GIVEN INFORMATION Start Marker

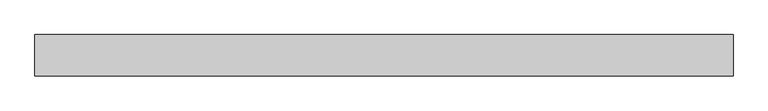
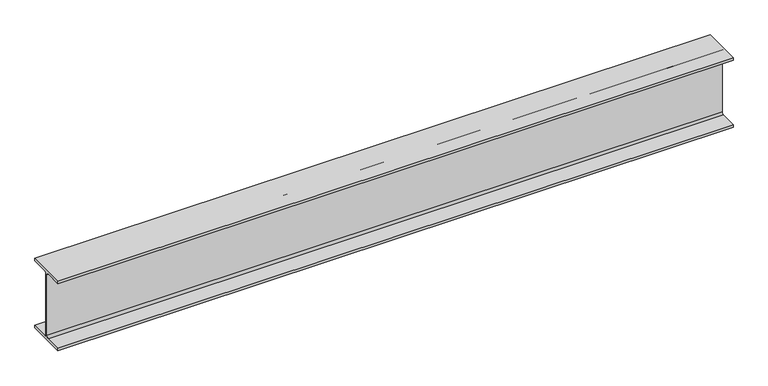
"""IFC4 building model written with IfcOpenShell, lengths in millimetres: beam geometry, Old_Steel Beam_H-KSD3502 : H_SB_ASB_H-250×125x6x9."""

import ifcopenshell
import ifcopenshell.guid

model = None  # the IFC model being written
_history = None  # IfcOwnerHistory: only IFC2X3 demands one
_inside = {}  # id of a spatial element -> (the spatial element, [elements in it])
_under = {}  # id of a project, library or spatial element -> (it, [spatial elements below it])
_declared = {}  # id of a project -> (the project, [libraries it declares])
_typed = {}  # id of a type object -> (the type object, [elements of that type])
_made_of = {}  # id of a material, layer set ... -> (it, [elements and type objects made of it])


def new_model(schema):
    """Start an empty IFC model of exactly this schema.

    Asked for "IFC4X3", IfcOpenShell would pick the latest addendum, in which some entities
    have other attributes; the version numbers below select the first issue.
    IFC2X3 requires an IfcOwnerHistory on every rooted entity: one is made here for all.
    """
    global model, _history
    if schema == "IFC4X3":
        model = ifcopenshell.file(schema_version=(4, 3, 0, 0))
    else:
        model = ifcopenshell.file(schema=schema)
    _inside.clear()
    _under.clear()
    _declared.clear()
    _typed.clear()
    _made_of.clear()
    _history = None
    if model.schema == "IFC2X3":
        org = make("IfcOrganization", Name="unknown")
        user = make(
            "IfcPersonAndOrganization",
            ThePerson=make("IfcPerson", FamilyName="unknown"),
            TheOrganization=org,
        )
        app = make(
            "IfcApplication",
            ApplicationDeveloper=org,
            Version="unknown",
            ApplicationFullName="unknown",
            ApplicationIdentifier="unknown",
        )
        _history = make(
            "IfcOwnerHistory",
            OwningUser=user,
            OwningApplication=app,
            ChangeAction="ADDED",
            CreationDate=0,
        )
    return model


def make(cls, **values):
    """One entity of the class cls with the attributes given. An attribute that is None is left unset."""
    return model.create_entity(
        cls, **{name: value for name, value in values.items() if value is not None}
    )


def rooted(cls, **values):
    """An entity with a GlobalId (a new one), such as an element, a storey or a relation."""
    return make(cls, GlobalId=ifcopenshell.guid.new(), OwnerHistory=_history, **values)


def si_unit(unit_type, name, prefix=None):
    """IfcSIUnit, for example si_unit("LENGTHUNIT", "METRE", prefix="MILLI")."""
    return make("IfcSIUnit", UnitType=unit_type, Prefix=prefix, Name=name)


def assignment(units):
    """IfcUnitAssignment: the units of a project."""
    return None if units is None else make("IfcUnitAssignment", Units=units)


def point(xyz):
    """IfcCartesianPoint."""
    return None if xyz is None else make("IfcCartesianPoint", Coordinates=xyz)


def direction(xyz):
    """IfcDirection."""
    return None if xyz is None else make("IfcDirection", DirectionRatios=xyz)


def frame(location, z_axis=None, x_axis=None):
    """IfcAxis2Placement3D, a coordinate frame: its origin and axes. An axis left out is left unset."""
    return make(
        "IfcAxis2Placement3D",
        Location=point(location),
        Axis=direction(z_axis),
        RefDirection=direction(x_axis),
    )


def frame_2d(location, x_axis=None):
    """IfcAxis2Placement2D, a coordinate frame in the plane: its origin and x axis."""
    return make(
        "IfcAxis2Placement2D", Location=point(location), RefDirection=direction(x_axis)
    )


def origin():
    """The frame at (0, 0, 0) with its axes left unset."""
    return frame((0.0, 0.0, 0.0))


def place(relative_to, where):
    """IfcLocalPlacement: puts the frame where relative to a parent placement (None: the world)."""
    return make(
        "IfcLocalPlacement", PlacementRelTo=relative_to, RelativePlacement=where
    )


def context(
    kind, dimensions, precision=None, world=None, true_north=None, identifier=None
):
    """IfcGeometricRepresentationContext, for example the 3D "Model" context."""
    return make(
        "IfcGeometricRepresentationContext",
        ContextIdentifier=identifier,
        ContextType=kind,
        CoordinateSpaceDimension=dimensions,
        Precision=precision,
        WorldCoordinateSystem=world,
        TrueNorth=true_north,
    )


def project(units=None, contexts=None):
    """IfcProject with its units and contexts."""
    return rooted(
        "IfcProject",
        Name="project",
        RepresentationContexts=contexts,
        UnitsInContext=assignment(units),
    )


def spatial(cls, under=None, at=None, **own):
    """A site, building, storey or space (cls), placed at a placement, below another one or the project."""
    s = rooted(cls, ObjectPlacement=at, **own)
    if under is not None:
        _under.setdefault(under.id(), (under, []))[1].append(s)
    return s


def polyline(points):
    """IfcPolyline through the points."""
    return make("IfcPolyline", Points=[point(p) for p in points])


def circle_curve(where, radius):
    """IfcCircle in the frame where."""
    return make("IfcCircle", Position=where, Radius=radius)


def trimmed(basis, trim1, trim2, sense, master):
    """IfcTrimmedCurve: the piece of a basis curve between two trims."""
    return make(
        "IfcTrimmedCurve",
        BasisCurve=basis,
        Trim1=trim1,
        Trim2=trim2,
        SenseAgreement=sense,
        MasterRepresentation=master,
    )


def segment(curve, same_sense, transition):
    """IfcCompositeCurveSegment."""
    return make(
        "IfcCompositeCurveSegment",
        Transition=transition,
        SameSense=same_sense,
        ParentCurve=curve,
    )


def composite_curve(segments, self_intersect=None):
    """IfcCompositeCurve: segments joined end to end."""
    return make("IfcCompositeCurve", Segments=segments, SelfIntersect=self_intersect)


def outline(outer, holes=None, kind="AREA"):
    """IfcArbitraryClosedProfileDef: a profile drawn as a closed curve; with holes, ...WithVoids."""
    if holes is None:
        return make("IfcArbitraryClosedProfileDef", ProfileType=kind, OuterCurve=outer)
    return make(
        "IfcArbitraryProfileDefWithVoids",
        ProfileType=kind,
        OuterCurve=outer,
        InnerCurves=holes,
    )


def extrude(swept, where, along, depth):
    """IfcExtrudedAreaSolid: the profile swept, set in the frame where, extruded along a direction by depth."""
    return make(
        "IfcExtrudedAreaSolid",
        SweptArea=swept,
        Position=where,
        ExtrudedDirection=direction(along),
        Depth=depth,
    )


def shape(context_of_items, identifier, shape_type, items):
    """IfcShapeRepresentation: the items that make up one representation, for example the "Body"."""
    return make(
        "IfcShapeRepresentation",
        ContextOfItems=context_of_items,
        RepresentationIdentifier=identifier,
        RepresentationType=shape_type,
        Items=items,
    )


def source(mapping_origin, context_of_items, identifier, shape_type, items):
    """IfcRepresentationMap: a shape defined once, which mapped items show again and again."""
    return make(
        "IfcRepresentationMap",
        MappingOrigin=mapping_origin,
        MappedRepresentation=shape(context_of_items, identifier, shape_type, items),
    )


def transform(
    local_origin,
    x_axis=None,
    y_axis=None,
    z_axis=None,
    scale=None,
    scale2=None,
    scale3=None,
    uniform=True,
):
    """IfcCartesianTransformationOperator3D, or its non-uniform kind. x_axis, y_axis, z_axis: its Axis1, 2, 3."""
    if uniform:
        return make(
            "IfcCartesianTransformationOperator3D",
            Axis1=direction(x_axis),
            Axis2=direction(y_axis),
            LocalOrigin=point(local_origin),
            Scale=scale,
            Axis3=direction(z_axis),
        )
    return make(
        "IfcCartesianTransformationOperator3DnonUniform",
        Axis1=direction(x_axis),
        Axis2=direction(y_axis),
        LocalOrigin=point(local_origin),
        Scale=scale,
        Axis3=direction(z_axis),
        Scale2=scale2,
        Scale3=scale3,
    )


def mapped(mapping_source, mapping_target):
    """IfcMappedItem: shows the shape of a source again, moved by a transform."""
    return make(
        "IfcMappedItem", MappingSource=mapping_source, MappingTarget=mapping_target
    )


def made_of(thing, what):
    """Note that an element or type object is made of a material, layer set ...; save() writes the relation."""
    if what is not None:
        _made_of.setdefault(what.id(), (what, []))[1].append(thing)
    return thing


def element(
    cls,
    number,
    at=None,
    inside=None,
    cuts=None,
    type_object=None,
    material=None,
    context=None,
    identifier="Body",
    shape_type=None,
    held_by="IfcProductDefinitionShape",
    body=None,
    shapes=None,
    **own,
):
    """One element of the class cls, such as IfcWall. Its Tag is "e" and its number.

    at: its placement. inside: the storey or other place that contains it. cuts: it is an
    opening in that element (IfcRelVoidsElement). A single representation is given by context,
    identifier, shape_type and body (its items); several are given by shapes. held_by: the class
    of the entity that holds the representations. save() writes the other relations.
    """
    e = rooted(cls, Tag="e%d" % number, ObjectPlacement=at, **own)
    if body is not None:
        shapes = [shape(context, identifier, shape_type, body)]
    if shapes is not None:
        e.Representation = make(held_by, Representations=shapes)
    if inside is not None:
        _inside.setdefault(inside.id(), (inside, []))[1].append(e)
    if cuts is not None:
        rooted(
            "IfcRelVoidsElement", RelatingBuildingElement=cuts, RelatedOpeningElement=e
        )
    if type_object is not None:
        _typed.setdefault(type_object.id(), (type_object, []))[1].append(e)
    return made_of(e, material)


def aggregate(whole, parts):
    """IfcRelAggregates: a whole, such as a stair, and the parts it consists of."""
    return rooted("IfcRelAggregates", RelatingObject=whole, RelatedObjects=parts)


def save(model, path):
    """Write the relations noted so far, then the file.

    IfcRelAggregates (storeys below a building ...), IfcRelContainedInSpatialStructure (elements
    in a storey), IfcRelDefinesByType, IfcRelAssociatesMaterial and IfcRelDeclares: one each for
    every whole, place, type object, material and project.
    """
    for whole, parts in _under.values():
        aggregate(whole, parts)
    for where, things in _inside.values():
        rooted(
            "IfcRelContainedInSpatialStructure",
            RelatedElements=things,
            RelatingStructure=where,
        )
    for kind, things in _typed.values():
        rooted("IfcRelDefinesByType", RelatedObjects=things, RelatingType=kind)
    for what, things in _made_of.values():
        rooted("IfcRelAssociatesMaterial", RelatedObjects=things, RelatingMaterial=what)
    for by, libraries in _declared.values():
        rooted("IfcRelDeclares", RelatingContext=by, RelatedDefinitions=libraries)
    model.write(path)


def beam_b824a9ea(model_context):
    return source(origin(), model_context, "Body", "SweptSolid", [
        extrude(outline(composite_curve([segment(polyline([(82.5, -141.5), (82.5, -151.7), (-82.5, -151.7), (-82.5, -141.5), (-11.9, -141.5)]), True, "CONTINUOUS"), segment(trimmed(circle_curve(frame_2d((-11.9, -132.6)), 8.9), [point((-11.9, -141.5))], [point((-3.0, -132.6))], True, "CARTESIAN"), True, "CONTINUOUS"), segment(polyline([(-3.0, -132.6), (-3.0, 132.6)]), True, "CONTINUOUS"), segment(trimmed(circle_curve(frame_2d((-11.9, 132.6)), 8.9), [point((-3.0, 132.6))], [point((-11.9, 141.5))], True, "CARTESIAN"), True, "CONTINUOUS"), segment(polyline([(-11.9, 141.5), (-82.5, 141.5), (-82.5, 151.7), (82.5, 151.7), (82.5, 141.5), (11.9, 141.5)]), True, "CONTINUOUS"), segment(trimmed(circle_curve(frame_2d((11.9, 132.6)), 8.9), [point((11.9, 141.5))], [point((3.0, 132.6))], True, "CARTESIAN"), True, "CONTINUOUS"), segment(polyline([(3.0, 132.6), (3.0, -132.6)]), True, "CONTINUOUS"), segment(trimmed(circle_curve(frame_2d((11.9, -132.6)), 8.9), [point((3.0, -132.6))], [point((11.9, -141.5))], True, "CARTESIAN"), True, "CONTINUOUS"), segment(polyline([(11.9, -141.5), (82.5, -141.5)]), True, "CONTINUOUS")], self_intersect=False)), frame((-1382.2982577, 0.0, 0.0), z_axis=(1.0, 0.0, 0.0), x_axis=(0.0, 1.0, 0.0)), (0.0, 0.0, 1.0), 2794.5982507),
    ])


if __name__ == "__main__":
    model = new_model("IFC4")
    model_context = context("Model", 3, world=origin())
    ifc_project = project(units=[si_unit("LENGTHUNIT", "METRE", prefix="MILLI")], contexts=[model_context])
    site = spatial("IfcSite", under=ifc_project)
    building = spatial("IfcBuilding", under=site)
    placement = place(None, origin())
    beam_shape = beam_b824a9ea(model_context)
    element("IfcBeam", 1, ObjectType="Old_Steel Beam_H-KSD3502 : H_SB_ASB_H-250×125x6x9", at=placement, inside=building, context=model_context, shape_type="MappedRepresentation", body=[
        mapped(beam_shape, transform((0.0, 0.0, 0.0), x_axis=(1.0, 0.0, 0.0), y_axis=(0.0, 1.0, 0.0), z_axis=(0.0, 0.0, 1.0))),
    ])
    save(model, "model.ifc")

# Revit data of these elements
# Type "Old_Steel Beam_H-KSD3502 : H_SB_ASB_H-250×125x6x9"
#   Width = 12.5 cm
#   Web Thickness = 0.6 cm
#   Web Fillet = 1.2 cm
#   Warping Constant = 42539.8 cm⁶
#   Torsional Moment of Inertia = 7.8102 cm⁴
#   Torsional Modulus = 1.0 cm³
#   Section Area = 37.66 cm²
#   Plastic Modulus weak axis = 73.1 cm³
#   Plastic Modulus strong axis = 366.0 cm³
#   Perimeter = 0.97 m²/m
#   Nominal Weight = 29.60 kgf/m
#   Moment of Inertia weak axis = 294.00 cm⁴
#   Moment of Inertia strong axis = 4050.00 cm⁴
#   Height = 25.0 cm
#   Flange Thickness = 0.9 cm
#   Elastic Modulus weak axis = 47.0 cm³
#   Elastic Modulus strong axis = 324.0 cm³
#   Centroid Vertical = 12.5 cm
#   Centroid Horizontal = 6.25 cm
#   Length [instance default] = 1.5240 m
#   Structural Material [instance default] = Steel, 45-345
#   Assembly Code = ""
# Element 1 (IfcBeam, "Old_Steel Beam_H-KSD3502 : H_SB_ASB_H-250×125x6x9")
#   Structural Material = none
# Materials
#   "Steel, 45-345": class "Metal", colour RGB 189 187 185, transparency 0, Description = "Steel 345 MPa", Cost = 0

GIVEN INFORMATION End Marker

» TO DO: Your response should be made up of the lines in the data that contain the word "LENGTHUNIT".

» ANSWER TO THIS PROBLEM:
    """IfcSIUnit, for example si_unit("LENGTHUNIT", "METRE", prefix="MILLI")."""
    ifc_project = project(units=[si_unit("LENGTHUNIT", "METRE", prefix="MILLI")], contexts=[model_context])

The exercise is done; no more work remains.